In the extracellular stage of sclerite growth of S. gibberosa, the sclerite primordia begin to grow inside the overlapping cell membrane extensions (MCVs) by means of multiple secondary sclerocytes (Figs. 5b, 6). Around MCVs, electron-opaque bodies in secondary sclerocytes may contain high concentrations of calcium (Kingsley 1990), which may be transported into the MCVs, and then deposited on the organic matrix for calcium carbonate crystal growth. In scleractinians, the organic matrix in the subepithelial space plays the role of a template determining the crystal morphology of the coral skeleton (Johnston 1980; Isa 1986; Le Tissier 1991). We assumed that the organic matrix in MCVs of S. gibberosa may have a similar function. Based upon the TEM findings (Fig. 6), MCVs serve as an isolated compartment in which sclerocytes deposit calcium carbonate. The locations and shapes of MCVs may determine the shape and size of the sclerites.
The mesoglea of S. gibberosa is the site where congregations of MCVs and sclerite formation occur. At that site, dense mesoglea fibers were observed (Fig. 6). Mesoglea fibers appeared to facilitate bonding between the MCVs and the developing sclerites. The distribution and array of mesoglea fibers may also determine the location where calcium carbonate is deposited, as well as sclerite morphology (see also Goldberg and Benayahu 1987).
The calcification process causes cementation of the sclerites, which takes place at the base of the colony, and differs from that leading to sclerite formation. At the colony base of S. gibberosa, active sclerocytes and MCVs, which are usually associated with developing sclerites in the mesoglea, were rarely observed. Rather, multiple free granular vesicles and the organic matrix occurring in the spaces among mature sclerites (Fig. 8) could be the source and template of the adhesive calcium carbonate. During the process of their degeneration, sclerocytes may release calcareous organelles or other materials outside the cell; these extruded organelles may retain the function of calcification. In the absence of facilitation of MCVs, calcium carbonate adhesives were deposited as amorphous aragonite in contrast to the calcite crystalline of the sclerites. This revealed that the sclerocytes and MCVs may also play roles in determining the calcite structure of the calcification products.
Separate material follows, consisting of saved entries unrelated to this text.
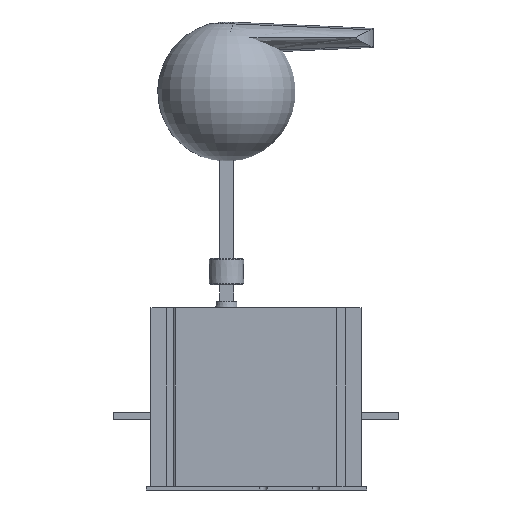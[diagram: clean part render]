
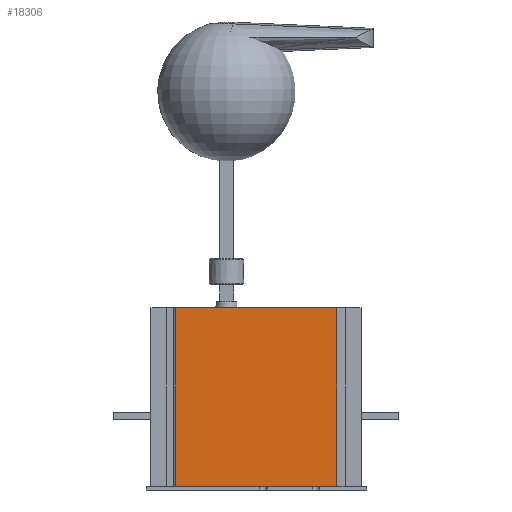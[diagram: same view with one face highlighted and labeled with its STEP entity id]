
A CAD part, left-side view. The second image highlights one B-rep face of the part: STEP entity #18306.
In plain terms, the highlighted planar face has unit normal (-1, 0, 0).
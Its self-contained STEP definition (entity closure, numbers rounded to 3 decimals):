
#1304 = CARTESIAN_POINT ( 'NONE',  ( -98.5, 0., 104.2 ) ) ;
#1306 = VECTOR ( 'NONE', #12643, 1000. ) ;
#1497 = CARTESIAN_POINT ( 'NONE',  ( -98.5, 45.8, 104.2 ) ) ;
#1606 = FACE_OUTER_BOUND ( 'NONE', #8288, .T. ) ;
#2020 = EDGE_CURVE ( 'NONE', #10867, #10046, #6398, .T. ) ;
#4320 = PLANE ( 'NONE',  #16483 ) ;
#4372 = DIRECTION ( 'NONE',  ( 0., 1., 0. ) ) ;
#4506 = CARTESIAN_POINT ( 'NONE',  ( -98.5, -46.2, 2. ) ) ;
#5464 = ORIENTED_EDGE ( 'NONE', *, *, #13806, .F. ) ;
#6105 = DIRECTION ( 'NONE',  ( 0., 0., -1. ) ) ;
#6201 = LINE ( 'NONE', #17813, #8441 ) ;
#6398 = LINE ( 'NONE', #12895, #13755 ) ;
#7191 = ORIENTED_EDGE ( 'NONE', *, *, #8475, .T. ) ;
#8288 = EDGE_LOOP ( 'NONE', ( #16471, #5464, #12610, #7191 ) ) ;
#8441 = VECTOR ( 'NONE', #14910, 1000. ) ;
#8475 = EDGE_CURVE ( 'NONE', #16694, #10046, #16983, .T. ) ;
#8810 = EDGE_CURVE ( 'NONE', #12836, #16694, #6201, .T. ) ;
#9184 = CARTESIAN_POINT ( 'NONE',  ( -98.5, -46.2, 104.2 ) ) ;
#9196 = CARTESIAN_POINT ( 'NONE',  ( -98.5, 45.8, 2. ) ) ;
#10046 = VERTEX_POINT ( 'NONE', #9196 ) ;
#10867 = VERTEX_POINT ( 'NONE', #4506 ) ;
#11070 = CARTESIAN_POINT ( 'NONE',  ( -98.5, -46.2, 104.2 ) ) ;
#11404 = DIRECTION ( 'NONE',  ( -1., 0., 0. ) ) ;
#12072 = VECTOR ( 'NONE', #6105, 1000. ) ;
#12610 = ORIENTED_EDGE ( 'NONE', *, *, #8810, .T. ) ;
#12643 = DIRECTION ( 'NONE',  ( 0., 0., -1. ) ) ;
#12836 = VERTEX_POINT ( 'NONE', #11070 ) ;
#12842 = DIRECTION ( 'NONE',  ( 0., -1., 0. ) ) ;
#12895 = CARTESIAN_POINT ( 'NONE',  ( -98.5, 0., 2. ) ) ;
#13755 = VECTOR ( 'NONE', #4372, 1000. ) ;
#13806 = EDGE_CURVE ( 'NONE', #12836, #10867, #17738, .T. ) ;
#14910 = DIRECTION ( 'NONE',  ( 0., 1., 0. ) ) ;
#16471 = ORIENTED_EDGE ( 'NONE', *, *, #2020, .F. ) ;
#16483 = AXIS2_PLACEMENT_3D ( 'NONE', #1304, #11404, #12842 ) ;
#16694 = VERTEX_POINT ( 'NONE', #1497 ) ;
#16983 = LINE ( 'NONE', #17010, #1306 ) ;
#17010 = CARTESIAN_POINT ( 'NONE',  ( -98.5, 45.8, 104.2 ) ) ;
#17738 = LINE ( 'NONE', #9184, #12072 ) ;
#17813 = CARTESIAN_POINT ( 'NONE',  ( -98.5, 0., 104.2 ) ) ;
#18306 = ADVANCED_FACE ( 'NONE', ( #1606 ), #4320, .T. ) ;

Fleshy octocorals are able to inhabit turbid environments that are less suitable for scleractinian corals, allowing them access to different ecological niches (Dai 1991a). The bias in common knowledge is toward viewing reefs as products of stony corals. We suggest that octocorals such as Sinularia, however, are also capable of accreting material into significant reef structures over geological time scales. This may allow the development of reef structures by spiculite-producing fleshy octocorals in areas where stony corals are unable to develop as a reef base.
The authors thank Mr. T.-S. Chen and the Administration of Kenting National Park, Taiwan for assistance with the fieldwork. Y. Benayahu was partly supported by the Israel Cohen Chair in Environmental Zoology. We also acknowledge the funding and electron microscope support from the Research Center for Biodiversity, Academia Sinica, Taiwan.